Data section:
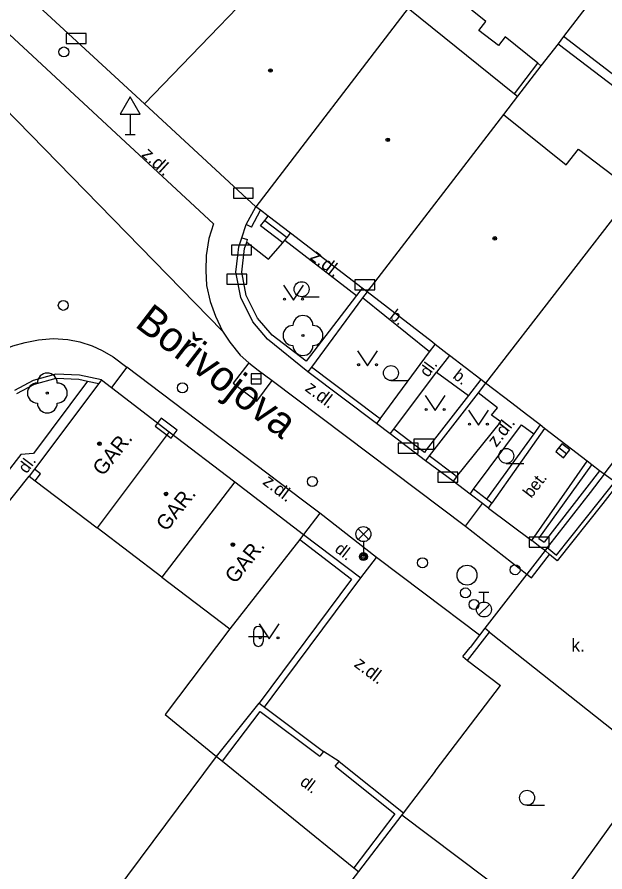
# Model space of a CAD drawing. Extents: x -595546 to -593986, y -1160845 to -1159202.
# Drawn here: x -595217.91 to -595188.46, y -1160700.35 to -1160657.54 of the extents above; entities that cross this region are included whole.
import ezdxf

# ---------------------------------------------------------------- set-up
doc = ezdxf.new("R2010")
doc.units = 0
for name, color, linetype in [('DOP - kresba z DSPS bez souradnic', 7, 'Continuous'), ('DOP - rozhrani ploch obecne', 7, 'Continuous'), ('Level 22', 7, 'Continuous'), ('Level 24', 7, 'Continuous'), ('Level 26', 7, 'Continuous'), ('Level 27', 7, 'Continuous'), ('Level 28', 7, 'Continuous'), ('Level 33', 7, 'Continuous'), ('Level 34', 7, 'Continuous'), ('Level 36', 7, 'Continuous'), ('Level 39', 7, 'Continuous'), ('Nazvy ulic', 7, 'Continuous'), ('Specificka linie pasportu komunikaci', 7, 'Continuous'), ('TM - budovy zdene_ betonove - VP', 7, 'Continuous'), ('TM - komunikace - VP', 7, 'Continuous'), ('TM - letecke snimky - pomocna linie', 7, 'Continuous'), ('TM - plot drateny_ kovovy - VP', 7, 'Continuous'), ('TM - plot zdeny_ ohradni zed - VP', 7, 'Continuous'), ('TM - podezdivka plotu - VP', 7, 'Continuous'), ('TM - popis objektu', 7, 'Continuous'), ('TM - popis povrchu', 7, 'Continuous'), ('TM - rozhrani mezi zpev. plochami mezi sebou - VP', 7, 'Continuous'), ('TM - rozhrani ploch obecne - VP', 7, 'Continuous'), ('TM - schody - VP', 7, 'Continuous'), ('TM - vjezd na pozemek', 7, 'Continuous'), ('TM - zed operna - VP', 7, 'Continuous')]:
    doc.layers.add(name, color=color, linetype=linetype)

msp = doc.modelspace()

# ---------------------------------------------------------------- linework, layer by layer
at = {"layer": 'DOP - kresba z DSPS bez souradnic'}
for points in [[(-595194.42, -1160657.77), (-595197.17, -1160655.55)], [(-595194.78, -1160658.22), (-595194.42, -1160657.77)], [(-595193.8, -1160658.96), (-595194.78, -1160658.22)], [(-595193.46, -1160658.54), (-595193.8, -1160658.96)], [(-595191.82, -1160659.86), (-595193.46, -1160658.54)], [(-595187.95, -1160660.5), (-595190.54, -1160658.52)], [(-595190.81, -1160658.88), (-595185.06, -1160663.26)], [(-595192.99, -1160661.39), (-595191.82, -1160659.86)], [(-595191.67, -1160659.99), (-595191.82, -1160659.86)]]:
    msp.add_lwpolyline(points, dxfattribs=at)
at = {"layer": 'DOP - rozhrani ploch obecne'}
for points in [[(-595184.8, -1160651.08), (-595190.54, -1160658.52)], [(-595190.54, -1160658.52), (-595190.81, -1160658.88)], [(-595190.81, -1160658.88), (-595191.67, -1160659.99)], [(-595191.67, -1160659.99), (-595192.84, -1160661.51)], [(-595182.43, -1160690.3), (-595186.56, -1160695.77), (-595191.61, -1160702.78)], [(-595196.96, -1160695.3), (-595198.42, -1160697.21)], [(-595198.42, -1160697.21), (-595198.56, -1160697.4)], [(-595198.63, -1160697.49), (-595200.8, -1160700.33)], [(-595198.56, -1160697.4), (-595198.63, -1160697.49)], [(-595198.63, -1160697.49), (-595191.61, -1160702.78)]]:
    msp.add_lwpolyline(points, dxfattribs=at)
at = {"layer": 'Level 22'}
for centre in [(-595203.59, -1160673.49), (-595216.4, -1160676.37)]:
    msp.add_circle(centre, 0.05, dxfattribs=at)
for centre, start, end in [((-595203.59, -1160672.99), 0, 180), ((-595204.09, -1160673.49), 90, 270), ((-595203.09, -1160673.49), 270, 90), ((-595203.59, -1160673.99), 180, 0), ((-595216.4, -1160675.87), 0, 180), ((-595216.9, -1160676.37), 90, 270), ((-595215.9, -1160676.37), 270, 90), ((-595216.4, -1160676.87), 180, 0)]:
    msp.add_arc(centre, 0.5, start, end, dxfattribs=at)
at = {"layer": 'Level 24'}
for points in [[(-595215.448, -1160658.869), (-595214.448, -1160658.869), (-595214.448, -1160658.369), (-595215.448, -1160658.369)], [(-595207.078, -1160666.609), (-595206.078, -1160666.609), (-595206.078, -1160666.109), (-595207.078, -1160666.109)], [(-595207.177, -1160669.458), (-595206.177, -1160669.458), (-595206.177, -1160668.958), (-595207.177, -1160668.958)], [(-595207.398, -1160670.919), (-595206.398, -1160670.919), (-595206.398, -1160670.419), (-595207.398, -1160670.419)], [(-595200.987, -1160671.208), (-595199.987, -1160671.208), (-595199.987, -1160670.708), (-595200.987, -1160670.708)], [(-595209.892, -1160678.238), (-595210.688, -1160677.632), (-595210.991, -1160678.03), (-595210.195, -1160678.636)], [(-595198.818, -1160679.379), (-595197.818, -1160679.379), (-595197.818, -1160678.879), (-595198.818, -1160678.879)], [(-595198.027, -1160679.178), (-595197.027, -1160679.178), (-595197.027, -1160678.678), (-595198.027, -1160678.678)], [(-595196.838, -1160680.829), (-595195.838, -1160680.829), (-595195.838, -1160680.329), (-595196.838, -1160680.329)], [(-595192.257, -1160684.088), (-595191.257, -1160684.088), (-595191.257, -1160683.588), (-595192.257, -1160683.588)]]:
    msp.add_lwpolyline(points, close=True, dxfattribs=at)
at = {"layer": 'Level 26'}
for centre in [(-595215.57, -1160659.29), (-595197.6, -1160684.87), (-595192.96, -1160685.22)]:
    msp.add_circle(centre, 0.25, dxfattribs=at)
at = {"layer": 'Level 27'}
for p, q in [((-595206.19, -1160675.66), (-595205.69, -1160675.66)), ((-595190.767, -1160679.106), (-595190.373, -1160679.414))]:
    msp.add_line(p, q, dxfattribs=at)
for points in [[(-595206.19, -1160675.91), (-595205.69, -1160675.91), (-595205.69, -1160675.41), (-595206.19, -1160675.41)], [(-595190.921, -1160679.303), (-595190.527, -1160679.611), (-595190.219, -1160679.217), (-595190.613, -1160678.909)]]:
    msp.add_lwpolyline(points, close=True, dxfattribs=at)
msp.add_circle((-595195.37, -1160685.49), 0.5, dxfattribs=at)
at = {"layer": 'Level 28'}
for p, q in [((-595194.77, -1160686.335), (-595194.27, -1160686.335)), ((-595194.52, -1160686.835), (-595194.52, -1160686.335)), ((-595194.778, -1160687.482), (-595194.248, -1160686.952))]:
    msp.add_line(p, q, dxfattribs=at)
for centre, radius in [((-595215.6, -1160671.98), 0.25), ((-595209.63, -1160676.11), 0.25), ((-595203.12, -1160680.8), 0.25), ((-595195.45, -1160686.38), 0.25), ((-595195.02, -1160686.96), 0.25), ((-595194.52, -1160687.21), 0.375)]:
    msp.add_circle(centre, radius, dxfattribs=at)
at = {"layer": 'Level 33'}
for p, q in [((-595200.825, -1160683.7), (-595200.295, -1160683.17)), ((-595200.825, -1160683.17), (-595200.295, -1160683.7)), ((-595200.56, -1160683.81), (-595200.56, -1160684.56))]:
    msp.add_line(p, q, dxfattribs=at)
for centre, radius in [((-595200.56, -1160683.435), 0.375), ((-595200.56, -1160684.56), 0.2), ((-595200.56, -1160684.56), 0.145), ((-595200.56, -1160684.56), 0.0876)]:
    msp.add_circle(centre, radius, dxfattribs=at)
at = {"layer": 'Level 34'}
for p, q in [((-595212.25, -1160662.402), (-595212.25, -1160663.42)), ((-595212.5, -1160663.42), (-595212, -1160663.42))]:
    msp.add_line(p, q, dxfattribs=at)
msp.add_lwpolyline([(-595212.75, -1160662.402), (-595211.75, -1160662.402), (-595212.25, -1160661.536)], close=True, dxfattribs=at)
at = {"layer": 'Level 36'}
for p, q in [((-595203.66, -1160671.545), (-595202.785, -1160671.545)), ((-595199.18, -1160675.745), (-595198.305, -1160675.745)), ((-595193.4, -1160679.895), (-595192.525, -1160679.895)), ((-595206.076, -1160688.306), (-595206.076, -1160688.806)), ((-595205.576, -1160688.306), (-595205.576, -1160688.806)), ((-595206.326, -1160688.556), (-595205.326, -1160688.556)), ((-595192.36, -1160697.015), (-595191.485, -1160697.015))]:
    msp.add_line(p, q, dxfattribs=at)
for points in [[(-595204.56, -1160670.97), (-595204.06, -1160671.72), (-595203.56, -1160670.97)], [(-595200.85, -1160674.25), (-595200.35, -1160675), (-595199.85, -1160674.25)], [(-595197.47, -1160676.5), (-595196.97, -1160677.25), (-595196.47, -1160676.5)], [(-595195.3, -1160677.23), (-595194.8, -1160677.98), (-595194.3, -1160677.23)], [(-595205.79, -1160687.93), (-595205.29, -1160688.68), (-595204.79, -1160687.93)]]:
    msp.add_lwpolyline(points, dxfattribs=at)
for centre, radius in [((-595203.66, -1160671.17), 0.375), ((-595204.51, -1160671.67), 0.05), ((-595203.611, -1160671.67), 0.05), ((-595200.8, -1160674.95), 0.05), ((-595199.901, -1160674.95), 0.05), ((-595199.18, -1160675.37), 0.375), ((-595197.42, -1160677.2), 0.05), ((-595196.521, -1160677.2), 0.05), ((-595195.25, -1160677.93), 0.05), ((-595194.351, -1160677.93), 0.05), ((-595193.4, -1160679.52), 0.375), ((-595205.74, -1160688.63), 0.05), ((-595204.841, -1160688.63), 0.05), ((-595192.36, -1160696.64), 0.375)]:
    msp.add_circle(centre, radius, dxfattribs=at)
for centre, start, end in [((-595205.826, -1160688.306), 0, 180), ((-595205.826, -1160688.806), 180, 0)]:
    msp.add_arc(centre, 0.25, start, end, dxfattribs=at)
at = {"layer": 'Level 39'}
for centre, radius in [((-595205.22, -1160660.22), 0.09), ((-595205.22, -1160660.22), 0.0398), ((-595199.34, -1160663.69), 0.09), ((-595199.34, -1160663.69), 0.0398), ((-595193.98, -1160668.63), 0.09), ((-595193.98, -1160668.63), 0.0398), ((-595213.79, -1160678.91), 0.09), ((-595213.79, -1160678.91), 0.0398), ((-595210.45, -1160681.42), 0.09), ((-595210.45, -1160681.42), 0.0398), ((-595207.1, -1160683.96), 0.09), ((-595207.1, -1160683.96), 0.0398)]:
    msp.add_circle(centre, radius, dxfattribs=at)
at = {"layer": 'Specificka linie pasportu komunikaci'}
msp.add_lwpolyline([(-595224.12, -1160656.38), (-595207.62, -1160673.28)], dxfattribs=at)
at = {"layer": 'TM - budovy zdene_ betonove - VP'}
for points in [[(-595211.53, -1160661.89), (-595203.59, -1160653.66)], [(-595211.53, -1160661.89), (-595217.9, -1160656.02)], [(-595198.32, -1160657.1), (-595205.95, -1160667.04)], [(-595198.32, -1160657.1), (-595192.99, -1160661.39)], [(-595192.99, -1160661.39), (-595192.84, -1160661.51)], [(-595192.84, -1160661.51), (-595193.55, -1160662.43)], [(-595205.95, -1160667.04), (-595211.53, -1160661.89)], [(-595193.55, -1160662.43), (-595200.17, -1160671.03), (-595200.35, -1160671.26), (-595200.38, -1160671.3)], [(-595193.55, -1160662.43), (-595190.4, -1160664.94)], [(-595190.4, -1160664.94), (-595189.78, -1160664.16)], [(-595189.78, -1160664.16), (-595187.21, -1160666.11)], [(-595186.99, -1160666.27), (-595194.44, -1160675.88)], [(-595205.71, -1160667.22), (-595205.95, -1160667.04)], [(-595205.33, -1160667.51), (-595205.71, -1160667.22)], [(-595204.22, -1160668.36), (-595205.33, -1160667.51)], [(-595200.62, -1160671.12), (-595204.22, -1160668.36)], [(-595188.49, -1160680.44), (-595181.09, -1160670.73)], [(-595200.38, -1160671.3), (-595200.62, -1160671.12)], [(-595196.96, -1160673.94), (-595197.1, -1160673.83), (-595200.38, -1160671.3)], [(-595196.25, -1160674.49), (-595196.37, -1160674.4), (-595196.96, -1160673.94)], [(-595194.68, -1160675.7), (-595196.25, -1160674.49)], [(-595213.82, -1160675.89), (-595217.05, -1160680.19)], [(-595213.69, -1160675.71), (-595213.82, -1160675.89)], [(-595213.69, -1160675.71), (-595213.18, -1160676.1)], [(-595194.44, -1160675.88), (-595194.68, -1160675.7)], [(-595191.71, -1160677.97), (-595192.39, -1160677.45), (-595193.13, -1160676.88), (-595194.44, -1160675.88)], [(-595213.18, -1160676.1), (-595210.29, -1160678.31)], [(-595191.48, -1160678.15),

Task brief: Extract the lines of the preceding material that run from the line with "import ezdxf" through the line with "doc.units = 0", inclusive, reproducing them exactly and adding nothing.

Exercise solution:
import ezdxf

# ---------------------------------------------------------------- set-up
doc = ezdxf.new("R2010")
doc.units = 0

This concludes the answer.